Well, as I said, the stories are nothing but a reflection of what I saw around me. I felt so many emotions, not just hope and fear, but also anger, love, ecstasy, joy, anguish, shock, surprise and so much more. These emotions are all deep rooted within us – all of us. But most times they are not brought to the surface due to various factors.
I probably chose to speak about it because it was important for me to bring these emotions out and share it with the world. I felt so many things were astray and adrift. Eventually stories were the best medium to bring it to the fore.
After writing the short stories, how was the process of publishing?
It was pretty smooth. My publishers Notion Press were helpful at every step and I did not have to worry too much about the publishing bit. It was handled professionally and in a timely manner and the result is there for all to see.
What according to you must a budding writer keep in mind, with regard to writing and getting one’s work published?
I think one must keep their eyes and ears open always. And of course read a lot and write a lot. There is no substitute for that. Another thing that is very important is the process of editing. It is important to get your work professionally edited to weed out the errors which the eyes of the ‘producer of the work’ would never pick despite repeated iterations.
Name one of your favourite authors in the genre and what did you like in his or her writing.

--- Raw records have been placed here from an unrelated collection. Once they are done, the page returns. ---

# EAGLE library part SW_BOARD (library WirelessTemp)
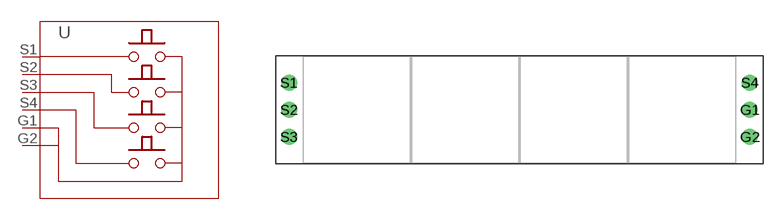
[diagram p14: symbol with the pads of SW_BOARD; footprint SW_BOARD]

Designator prefix -

## SW_BOARD  [SW_BOARD]
G1  G1  pas
G2  G2  pas
S1  S1  pas
S2  S2  pas
S3  S3  pas
S4  S4  pas

## Footprint SW_BOARD (pad centres in mm)
drill 1 round: G1 21.59,0; G2 21.59,-2.54; S1 -21.59,2.54; S2 -21.59,0; S3 -21.59,-2.54; S4 21.59,2.54

There are so many out there, but if I were to pick one I would say R.K. Narayan. Some of his stories are pure magic. His fine observational skills and mastery over putting it forth in words is legendary. I love his soulful presentation of so many fine nuances of human behaviour. The story of ordinary people brought out with the most extraordinary finesse.
Name your favourite short story that you have loved so far.
All the stories in my book are very close to my heart. However if you were to put my head on the block and ask me, I would say that story ‘Feelijus’ would be my favourite. It relates to a subject which is very close to my heart. You got to read it further to know what exactly I am talking about.
If given a chance which genre would you like to explore?
I would love to explore ‘Thriller’, although I write what I choose to called ‘Social Fiction’ but if I have to digress, I would love to write a good Suspense Thriller.
Would you like to share with us your next venture?
Well, it’s in a very unstructured shape right now. But the moment it takes a concrete shape I’ll be happy to share it.
Your advice to aspiring writers.
Read a lot. Write a lot. No two ways about it. That is as simple or as complex as it can be.